We’re talking mid-1800s here. Consider the average minister’s reaction to a parishioner’s attempt at religious independence. One such minister in Agnes Grey gives us a fairly descriptive idea: “You must come to Church,” he says, “where you’ll hear the scriptures properly explained, instead of sitting poring over your Bible at home.” When the woman he’s talking to explains she can’t make it to Church because her rheumatism is so bad, he calls her a reprobate who probably won’t get into Heaven anyway.

Imagine Anne’s nerve. Not only was she reading and interpreting the Bible on her own, but she dared to share those beliefs with the world. That’s a massive strike against the world’s insistence to somehow consider her both a fragile flower and a rigid fanatic. She was neither. Just a woman trying to find her way on her own terms.

 

She loved life

One of the most pervasive myths surrounding Anne is that she was happy to die. Charlotte Brontë says so herself, in a letter to publisher William Smith Williams: “Anne had had enough of life such as it was—in her twenty-eighth year she laid it down as a burden.” It is a testament to how little Charlotte knew her youngest sister that there are two mistakes in this one sentence alone: firstly, Anne was twenty-nine when she died, not twenty-eight. And secondly, she was not glad to die. Far from it.

In a letter to family friend Ellen Nussey, she wrote: “I have no fear of death (…) but I wish it would please God to spare me not only for Papa and Charlotte’s sakes, but because I long to do some good in the world before I leave it. I have many schemes in my head for future practice—humble and limited indeed—but still I should not like them all to come to nothing and myself to have lived to so little purpose.”
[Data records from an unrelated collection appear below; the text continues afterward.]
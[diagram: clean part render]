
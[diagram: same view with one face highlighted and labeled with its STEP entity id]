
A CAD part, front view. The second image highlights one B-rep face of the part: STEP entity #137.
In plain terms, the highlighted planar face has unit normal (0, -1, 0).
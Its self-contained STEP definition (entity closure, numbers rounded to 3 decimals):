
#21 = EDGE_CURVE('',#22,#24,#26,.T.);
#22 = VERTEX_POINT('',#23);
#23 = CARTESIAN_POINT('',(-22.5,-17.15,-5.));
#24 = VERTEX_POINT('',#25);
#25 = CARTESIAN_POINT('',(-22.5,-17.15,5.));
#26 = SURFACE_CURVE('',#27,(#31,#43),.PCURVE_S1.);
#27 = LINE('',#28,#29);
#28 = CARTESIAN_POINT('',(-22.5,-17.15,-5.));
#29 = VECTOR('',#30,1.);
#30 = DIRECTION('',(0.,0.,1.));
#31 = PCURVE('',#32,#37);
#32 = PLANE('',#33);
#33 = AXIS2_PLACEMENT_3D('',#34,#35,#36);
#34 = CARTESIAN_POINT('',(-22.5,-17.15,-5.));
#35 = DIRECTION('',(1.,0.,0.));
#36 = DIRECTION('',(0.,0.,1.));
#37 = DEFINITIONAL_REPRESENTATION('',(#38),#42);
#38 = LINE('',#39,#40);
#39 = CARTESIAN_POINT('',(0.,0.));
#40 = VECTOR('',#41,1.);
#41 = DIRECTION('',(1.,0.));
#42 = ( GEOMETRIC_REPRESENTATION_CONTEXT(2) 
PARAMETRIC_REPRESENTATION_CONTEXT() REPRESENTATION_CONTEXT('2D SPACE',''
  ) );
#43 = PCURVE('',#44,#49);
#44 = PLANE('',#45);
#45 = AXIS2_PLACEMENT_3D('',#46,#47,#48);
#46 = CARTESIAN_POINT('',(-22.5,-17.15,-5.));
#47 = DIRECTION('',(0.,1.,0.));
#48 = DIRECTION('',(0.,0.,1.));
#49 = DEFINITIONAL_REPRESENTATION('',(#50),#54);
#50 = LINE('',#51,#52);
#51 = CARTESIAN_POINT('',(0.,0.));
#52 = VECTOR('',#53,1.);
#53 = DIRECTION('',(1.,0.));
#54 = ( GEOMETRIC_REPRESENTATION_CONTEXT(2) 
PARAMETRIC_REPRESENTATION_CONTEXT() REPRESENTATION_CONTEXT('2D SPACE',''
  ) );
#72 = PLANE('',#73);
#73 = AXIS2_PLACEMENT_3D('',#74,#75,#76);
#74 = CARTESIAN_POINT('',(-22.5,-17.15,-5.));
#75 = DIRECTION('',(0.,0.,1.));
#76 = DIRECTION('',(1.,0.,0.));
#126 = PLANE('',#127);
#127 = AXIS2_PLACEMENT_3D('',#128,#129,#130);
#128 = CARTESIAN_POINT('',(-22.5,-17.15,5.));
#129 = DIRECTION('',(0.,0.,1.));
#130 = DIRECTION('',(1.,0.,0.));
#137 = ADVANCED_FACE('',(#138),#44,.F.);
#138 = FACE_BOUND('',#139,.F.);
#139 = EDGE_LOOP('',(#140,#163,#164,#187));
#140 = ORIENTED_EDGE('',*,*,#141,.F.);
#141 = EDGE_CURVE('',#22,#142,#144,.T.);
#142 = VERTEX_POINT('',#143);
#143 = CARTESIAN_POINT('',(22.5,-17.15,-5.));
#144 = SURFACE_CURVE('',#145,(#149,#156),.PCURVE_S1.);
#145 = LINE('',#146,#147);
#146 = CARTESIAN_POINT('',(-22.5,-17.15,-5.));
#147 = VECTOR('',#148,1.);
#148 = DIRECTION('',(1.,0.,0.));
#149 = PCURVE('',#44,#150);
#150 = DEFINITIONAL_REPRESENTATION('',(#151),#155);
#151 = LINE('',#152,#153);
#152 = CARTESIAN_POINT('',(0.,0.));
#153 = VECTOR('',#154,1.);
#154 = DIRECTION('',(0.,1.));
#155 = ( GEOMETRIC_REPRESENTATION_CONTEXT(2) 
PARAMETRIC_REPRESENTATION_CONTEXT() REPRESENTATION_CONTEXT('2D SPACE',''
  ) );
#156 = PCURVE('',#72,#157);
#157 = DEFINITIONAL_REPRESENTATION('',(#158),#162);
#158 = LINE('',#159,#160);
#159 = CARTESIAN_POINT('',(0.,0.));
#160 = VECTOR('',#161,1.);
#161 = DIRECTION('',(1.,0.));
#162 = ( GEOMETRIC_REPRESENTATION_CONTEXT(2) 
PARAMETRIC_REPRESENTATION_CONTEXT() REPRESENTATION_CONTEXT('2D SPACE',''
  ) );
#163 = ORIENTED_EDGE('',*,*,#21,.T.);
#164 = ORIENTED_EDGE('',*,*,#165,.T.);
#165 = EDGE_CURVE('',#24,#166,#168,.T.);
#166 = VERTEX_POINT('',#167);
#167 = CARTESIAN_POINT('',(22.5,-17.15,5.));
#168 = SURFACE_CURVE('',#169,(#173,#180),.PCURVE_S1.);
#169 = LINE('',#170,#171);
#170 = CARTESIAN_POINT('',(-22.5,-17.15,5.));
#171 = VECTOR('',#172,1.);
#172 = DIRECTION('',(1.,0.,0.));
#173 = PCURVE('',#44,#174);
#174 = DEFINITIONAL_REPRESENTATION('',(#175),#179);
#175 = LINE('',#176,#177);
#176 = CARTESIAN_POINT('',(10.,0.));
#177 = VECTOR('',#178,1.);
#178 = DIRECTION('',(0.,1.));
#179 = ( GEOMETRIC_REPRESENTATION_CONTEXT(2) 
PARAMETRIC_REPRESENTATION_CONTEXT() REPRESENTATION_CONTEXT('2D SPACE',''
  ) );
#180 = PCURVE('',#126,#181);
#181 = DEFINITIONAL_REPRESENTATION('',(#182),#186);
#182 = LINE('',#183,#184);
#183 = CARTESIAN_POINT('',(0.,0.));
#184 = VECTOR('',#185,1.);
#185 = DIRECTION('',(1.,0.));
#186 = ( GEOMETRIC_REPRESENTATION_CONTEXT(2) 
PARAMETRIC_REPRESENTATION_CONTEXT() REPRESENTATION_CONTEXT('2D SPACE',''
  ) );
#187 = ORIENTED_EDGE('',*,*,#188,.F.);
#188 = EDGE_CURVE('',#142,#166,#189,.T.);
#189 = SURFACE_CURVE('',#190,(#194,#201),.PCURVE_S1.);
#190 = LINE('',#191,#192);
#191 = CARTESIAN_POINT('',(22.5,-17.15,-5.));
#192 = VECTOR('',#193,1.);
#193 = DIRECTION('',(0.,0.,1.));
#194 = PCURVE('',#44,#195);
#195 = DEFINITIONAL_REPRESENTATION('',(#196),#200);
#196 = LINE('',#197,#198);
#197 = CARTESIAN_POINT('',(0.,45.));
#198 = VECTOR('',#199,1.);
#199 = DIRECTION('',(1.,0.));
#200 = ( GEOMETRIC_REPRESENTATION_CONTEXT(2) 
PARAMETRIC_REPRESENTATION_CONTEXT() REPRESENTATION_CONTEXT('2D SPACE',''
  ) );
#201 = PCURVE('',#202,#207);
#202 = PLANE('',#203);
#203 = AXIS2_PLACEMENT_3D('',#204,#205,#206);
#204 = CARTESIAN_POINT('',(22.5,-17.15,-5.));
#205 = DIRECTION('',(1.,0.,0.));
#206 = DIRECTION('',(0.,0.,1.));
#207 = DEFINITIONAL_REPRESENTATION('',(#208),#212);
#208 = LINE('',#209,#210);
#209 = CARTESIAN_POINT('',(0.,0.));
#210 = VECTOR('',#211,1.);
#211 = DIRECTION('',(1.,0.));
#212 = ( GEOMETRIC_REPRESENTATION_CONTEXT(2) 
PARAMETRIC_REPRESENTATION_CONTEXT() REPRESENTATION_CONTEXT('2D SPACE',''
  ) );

Anne wanted to live. But her life was cut short before her thirtieth birthday. And I can’t help but wonder, what did her schemes consist of? We will probably never know, and it kills me.

 

Anne was mistaken on one account, though: she didn’t live to little purpose. Her legacy endures today. It does for me, and for plenty of other people throughout the world—hopefully that will now include you.